(Okay– so this one isn’t specifically a “cosmetics” case– but its provides some good “Take Away” points) Last Friday (Aug. 19, 2016), a California federal judge dismissed a proposed class action against Starbucks based on its purported trickery of under filling its cups with actual liquid, explaining that a reasonable consumer would expect a cold drink to include both the liquid and ice. In its order the court determined:
Starbucks has not stated that its Cold Drinks contain a specific amount of liquid. Instead, Starbucks has stated that its iced drinks, which contain some amount of liquid and some amount of ice, are offered for sale in cups of various sizes.
Likening the situation to a young child’s understanding, the court ruled there was no merit to the plaintiff’s allegations that Starbucks defrauds consumers by filling cold liquid up to a certain level, then tops off the remaining space in the cup with ice:
But as young children learn, they can increase the amount of beverage they receive if they order “no ice.” If children have figured out that including ice in a cold beverage decreases the amount of liquid they will receive, the Court has no difficulty concluding that a reasonable consumer would not be deceived into thinking that when they order an iced tea, that the drink they receive will include both ice and tea and that for a given size cup, some portion of the drink will be ice rather than whatever liquid beverage the consumer ordered.

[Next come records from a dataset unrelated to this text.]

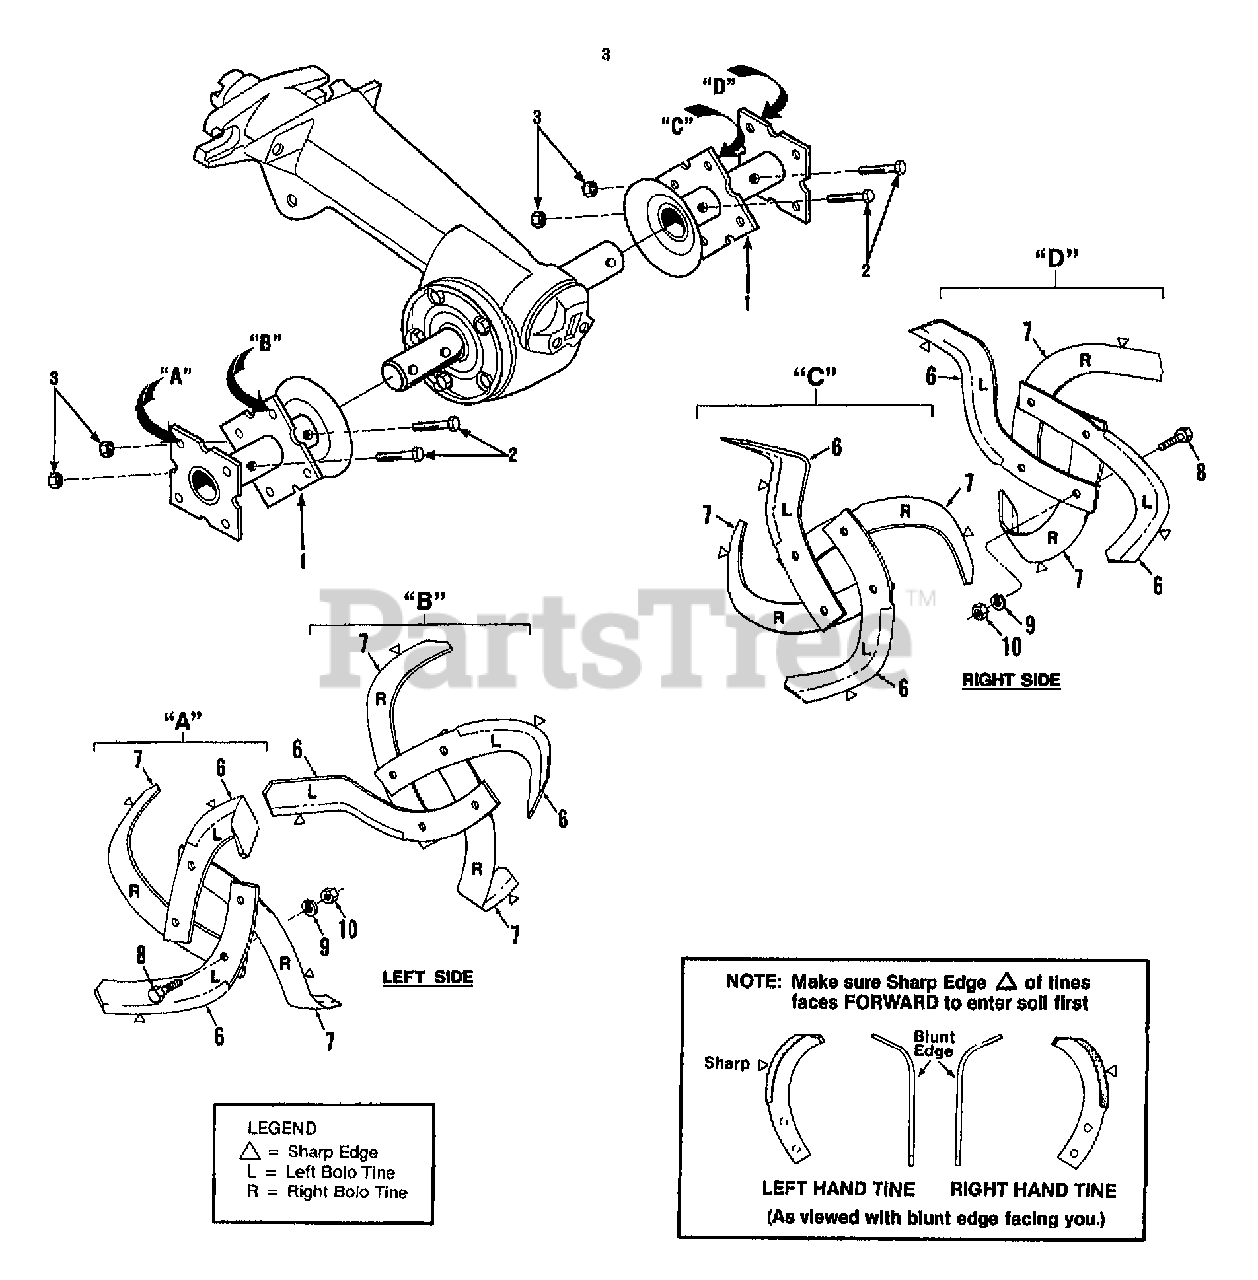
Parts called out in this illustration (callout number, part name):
1	HOLDER-TINE HORSE (RED)
2	SCR-HH 3/8-16X2.00 G8
3	NUT-H/LK 3/8-16
4	THIS REF. NO. NOT USED
5	THIS REF. NO. NOT USED
6	TINE-BOLO LT W/HDW(INCL. TWO EACH OF REF. NO.'S 8,9 AND 10)
7	TINE-BOLO RT W/HDW(INCL. SAME HARDWARE AS REF. NO.6)
8	SCR-HH 3/8-16X1.0 G5 ZP
9	WASHER-LK .375 @ DEPL
10	NUT-HEX 3/8-16 ZP

For these same reasons the court rejected the plaintiff’s allegations that a “reasonable consumer” would expect that the size of Starbucks’ cold beverages would represent only the amount of the beverage and exclude the amount of ice.
For the same reasons that a reasonable consumer would understand that the iced beverage that consumer might order from Starbucks will contain some portion of liquid and some portion of ice in the designated cup size the Complaint fails to state sufficient well-pleaded facts that Starbucks has made any misrepresentation, or that a reasonable consumer could justifiably rely on the statements Starbucks makes concerning the sizes of its Cold Drinks to conclude that those sizes represent only the amount of beverage and exclude the amount of ice.
Similarly, the court also rejected the plaintiff’s breach of express warranty claims, ruling that Starbucks had made no representation that its iced drinks contain a specific amount of liquid, but instead “offered for sale in cups of various sizes.” Accordingly, the court explained that the plaintiff’s strained interpretation of Starbucks’ menu “does not form the ‘basis of the bargain.'”
The case is Alexander Forouzesh v. Starbucks Corporation, case number 2:16-cv-03830, in the U.S. District Court for the Central District of California.
Take away: This is a decent ruling for the defense. It shows that if a child understands the reality of things, that a plaintiff’s strained interpretation of a defendant’s advertising may be rejected through early dispositive motions. Also, the dismissal turned on the content of Starbucks’ advertising and claims– a fact which re-emphasizes the importance of the words, imagery, and placement of claims. Which leads me to a point I often repeat– get legal involved in reviewing your advertising, marketing collateral, website, and labels early on. Not only does doing so help to catch potential FDA/FTC regulatory mistakes, but it also helps to mitigate/minimize litigation risks.